The general practitioner is most likely to benefit from this “Opinion Paper” about the functional intestinal disorders, both as an update and as a tool to improve his/her relationship with patients. Four functional intestinal disorders have been described: irritable bowel syndrome, functional bloating, functional constipation and functional diarrhea. All such disorders are defined by non-specific symptoms, referred to the middle and/or lower gastrointestinal tract without evidence of any organic basis. Symptoms should have arisen at least six months earlier, and they should have recurred at least three times monthly over the last three months.

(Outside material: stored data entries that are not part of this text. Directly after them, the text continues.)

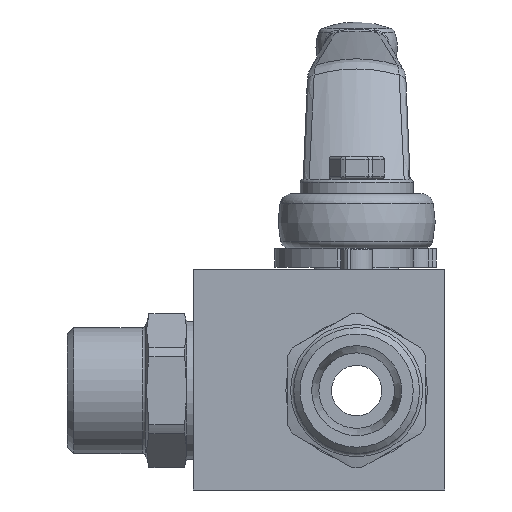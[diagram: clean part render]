
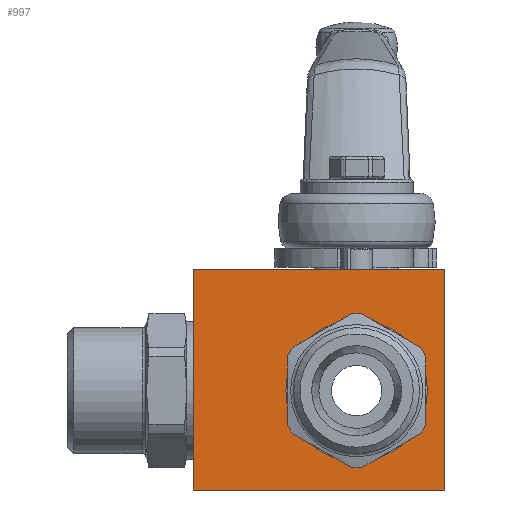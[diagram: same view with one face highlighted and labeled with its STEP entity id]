
A CAD part, front view. The second image highlights one B-rep face of the part: STEP entity #997.
In plain terms, the highlighted planar face has unit normal (0, -1, 0).
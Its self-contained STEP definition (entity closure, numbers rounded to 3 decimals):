
#997 = ADVANCED_FACE( '', ( #2077, #2078 ), #2079, .T. );
#2077 = FACE_OUTER_BOUND( '', #3824, .T. );
#2078 = FACE_BOUND( '', #3825, .T. );
#2079 = PLANE( '', #3826 );
#3824 = EDGE_LOOP( '', ( #6584, #6585, #6586, #6587 ) );
#3825 = EDGE_LOOP( '', ( #6588 ) );
#3826 = AXIS2_PLACEMENT_3D( '', #6589, #6590, #6591 );
#6584 = ORIENTED_EDGE( '', *, *, #8317, .T. );
#6585 = ORIENTED_EDGE( '', *, *, #8749, .T. );
#6586 = ORIENTED_EDGE( '', *, *, #8750, .T. );
#6587 = ORIENTED_EDGE( '', *, *, #7936, .T. );
#6588 = ORIENTED_EDGE( '', *, *, #8751, .T. );
#6589 = CARTESIAN_POINT( '', ( -26., -17.5, -15.8 ) );
#6590 = DIRECTION( '', ( 0., -1., 0. ) );
#6591 = DIRECTION( '', ( 0., 0., -1. ) );
#7936 = EDGE_CURVE( '', #9162, #9160, #9163, .T. );
#8317 = EDGE_CURVE( '', #9160, #9810, #9812, .T. );
#8749 = EDGE_CURVE( '', #9810, #10418, #10419, .T. );
#8750 = EDGE_CURVE( '', #10418, #9162, #10420, .T. );
#8751 = EDGE_CURVE( '', #10421, #10421, #10422, .T. );
#9160 = VERTEX_POINT( '', #10973 );
#9162 = VERTEX_POINT( '', #10976 );
#9163 = LINE( '', #10977, #10978 );
#9810 = VERTEX_POINT( '', #12240 );
#9812 = LINE( '', #12243, #12244 );
#10418 = VERTEX_POINT( '', #13659 );
#10419 = LINE( '', #13660, #13661 );
#10420 = LINE( '', #13662, #13663 );
#10421 = VERTEX_POINT( '', #13664 );
#10422 = CIRCLE( '', #13665, 11.25 );
#10973 = CARTESIAN_POINT( '', ( -26., -17.5, 19.2 ) );
#10976 = CARTESIAN_POINT( '', ( 14., -17.5, 19.2 ) );
#10977 = CARTESIAN_POINT( '', ( 14., -17.5, 19.2 ) );
#10978 = VECTOR( '', #14389, 1000. );
#12240 = CARTESIAN_POINT( '', ( -26., -17.5, -15.8 ) );
#12243 = CARTESIAN_POINT( '', ( -26., -17.5, 19.2 ) );
#12244 = VECTOR( '', #14894, 1000. );
#13659 = CARTESIAN_POINT( '', ( 14., -17.5, -15.8 ) );
#13660 = CARTESIAN_POINT( '', ( -26., -17.5, -15.8 ) );
#13661 = VECTOR( '', #15412, 1000. );
#13662 = CARTESIAN_POINT( '', ( 14., -17.5, -15.8 ) );
#13663 = VECTOR( '', #15413, 1000. );
#13664 = CARTESIAN_POINT( '', ( 11.25, -17.5, 0. ) );
#13665 = AXIS2_PLACEMENT_3D( '', #15414, #15415, #15416 );
#14389 = DIRECTION( '', ( -1., 0., 0. ) );
#14894 = DIRECTION( '', ( 0., 0., -1. ) );
#15412 = DIRECTION( '', ( 1., 0., 0. ) );
#15413 = DIRECTION( '', ( 0., 0., 1. ) );
#15414 = CARTESIAN_POINT( '', ( 0., -17.5, 0. ) );
#15415 = DIRECTION( '', ( 0., 1., 0. ) );
#15416 = DIRECTION( '', ( 1., 0., 0. ) );

Disorders of motility, visceral hypersensitivity, inflammatory and immune disorders, as well as psycho-social, genetic and environmental factors, have all been involved in the pathophysiology of functional intestinal disorders; disturbances of the colonic bacterial flora are also suggested to have a leading role and interventions to correct them are most useful. Functional intestinal disorders as described in the validated Rome III Criteria are possibly too much categorized, but such criteria still are the only useful tool for diagnosis and therapeutic choices. Clinical history is crucial for diagnosis, meaning when symptoms were first detected and how they evolve, alternate, and associate. A diagnostic diary to report symptoms, daily activities, and foods may also be helpful. Functional intestinal disorders persist over time, and they heavily interfere with quality of life; they also have a heavy impact on economical resources. However, intestinal functional disorders are not associated with dangerous sequelae or mortality. It is up to general practitioners to reassure patients and to prescribe first-level diagnostic exams appropriately.